# GPGPU¶

The most computationally intensive parts of gprMax, which are the FDTD solver loops, can optionally be executed using General-purpose computing on graphics processing units (GPGPU). This has been achieved through use of the NVIDIA CUDA programming environment, therefore a NVIDIA CUDA-Enabled GPU is required to take advantage of the GPU-based solver.

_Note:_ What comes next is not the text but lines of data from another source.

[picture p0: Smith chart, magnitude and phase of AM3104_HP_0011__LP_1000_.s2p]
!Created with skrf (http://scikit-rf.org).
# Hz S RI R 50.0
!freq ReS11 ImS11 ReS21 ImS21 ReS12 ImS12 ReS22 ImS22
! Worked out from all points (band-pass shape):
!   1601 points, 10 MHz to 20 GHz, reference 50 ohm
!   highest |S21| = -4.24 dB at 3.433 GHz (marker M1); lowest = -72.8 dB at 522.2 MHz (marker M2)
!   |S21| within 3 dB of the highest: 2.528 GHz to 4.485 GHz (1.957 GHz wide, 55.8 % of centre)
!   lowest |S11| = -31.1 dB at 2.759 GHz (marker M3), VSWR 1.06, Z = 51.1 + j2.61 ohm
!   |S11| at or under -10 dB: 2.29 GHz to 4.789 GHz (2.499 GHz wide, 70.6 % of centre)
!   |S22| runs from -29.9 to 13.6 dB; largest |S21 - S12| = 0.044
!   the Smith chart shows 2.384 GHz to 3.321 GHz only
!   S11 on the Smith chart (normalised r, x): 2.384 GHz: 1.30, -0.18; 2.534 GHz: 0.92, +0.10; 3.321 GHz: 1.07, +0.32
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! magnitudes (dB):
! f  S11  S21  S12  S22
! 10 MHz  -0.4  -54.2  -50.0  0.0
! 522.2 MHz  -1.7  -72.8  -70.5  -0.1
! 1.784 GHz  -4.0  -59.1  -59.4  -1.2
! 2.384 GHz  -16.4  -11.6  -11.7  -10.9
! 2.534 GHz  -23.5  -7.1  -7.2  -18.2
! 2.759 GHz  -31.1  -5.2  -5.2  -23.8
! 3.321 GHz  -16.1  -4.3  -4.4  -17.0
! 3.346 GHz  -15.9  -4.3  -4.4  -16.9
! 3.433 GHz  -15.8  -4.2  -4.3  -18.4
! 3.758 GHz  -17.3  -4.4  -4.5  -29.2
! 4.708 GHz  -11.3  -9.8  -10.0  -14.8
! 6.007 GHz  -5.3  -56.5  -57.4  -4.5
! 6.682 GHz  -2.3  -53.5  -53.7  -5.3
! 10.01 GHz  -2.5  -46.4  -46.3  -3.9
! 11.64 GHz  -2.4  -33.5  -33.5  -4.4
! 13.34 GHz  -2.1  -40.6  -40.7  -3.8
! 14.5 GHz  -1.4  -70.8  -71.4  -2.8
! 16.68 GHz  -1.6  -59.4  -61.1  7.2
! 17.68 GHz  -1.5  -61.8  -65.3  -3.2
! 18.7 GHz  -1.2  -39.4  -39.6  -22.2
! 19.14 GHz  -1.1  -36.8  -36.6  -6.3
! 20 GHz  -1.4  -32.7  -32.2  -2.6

## Extra installation steps for GPU usage¶

The following steps provide guidance on how to install the extra components to allow gprMax to run on your NVIDIA GPU:

1. Install the NVIDIA CUDA Toolkit. You can follow the Installation Guides in the NVIDIA CUDA Toolkit Documentation You must ensure the version of CUDA you install is compatible with the compiler you are using. This information can usually be found in a table in the CUDA Installation Guide under System Requirements.
2. You may need to add the location of the CUDA compiler (nvcc) to your user path environment variable, e.g. for Windows C:\Program Files\NVIDIA GPU Computing Toolkit\CUDA\v10.0\bin or Linux/macOS /Developer/NVIDIA/CUDA-10.0/bin.
3. Install the pycuda Python module. Open a Terminal (Linux/macOS) or Command Prompt (Windows), navigate into the top-level gprMax directory, and if it is not already active, activate the gprMax conda environment conda activate gprMax. Run pip install pycuda

## Running gprMax using GPU(s)¶

Open a Terminal (Linux/macOS) or Command Prompt (Windows), navigate into the top-level gprMax directory, and if it is not already active, activate the gprMax conda environment conda activate gprMax

Run one of the test models:

(gprMax)$python -m gprMax user_models/cylinder_Ascan_2D.in -gpu  Note If you want to select a specific GPU card on your system, you can specify an integer after the -gpu flag. The integer should be the NVIDIA CUDA device ID for a specific GPU card. If it is not specified it defaults to device ID 0. ### Combining MPI and GPU usage¶ Message Passing Interface (MPI) has been utilised to implement a simple task farm that can be used to distribute a series of models as independent tasks. This is described in more detail in the OpenMP, MPI, HPC section. MPI can be combined with the GPU functionality to allow a series models to be distributed to multiple GPUs on the same machine (node). For example, to run a B-scan that contains 60 A-scans (traces) on a system with 4 GPUs: (gprMax)$ python -m gprMax user_models/cylinder_Bscan_2D.in -n 60 -mpi 5 -gpu


Note

The argument given with -mpi is number of MPI tasks, i.e. master + workers, for MPI task farm. So in this case, 1 master (CPU) and 4 workers (GPU cards).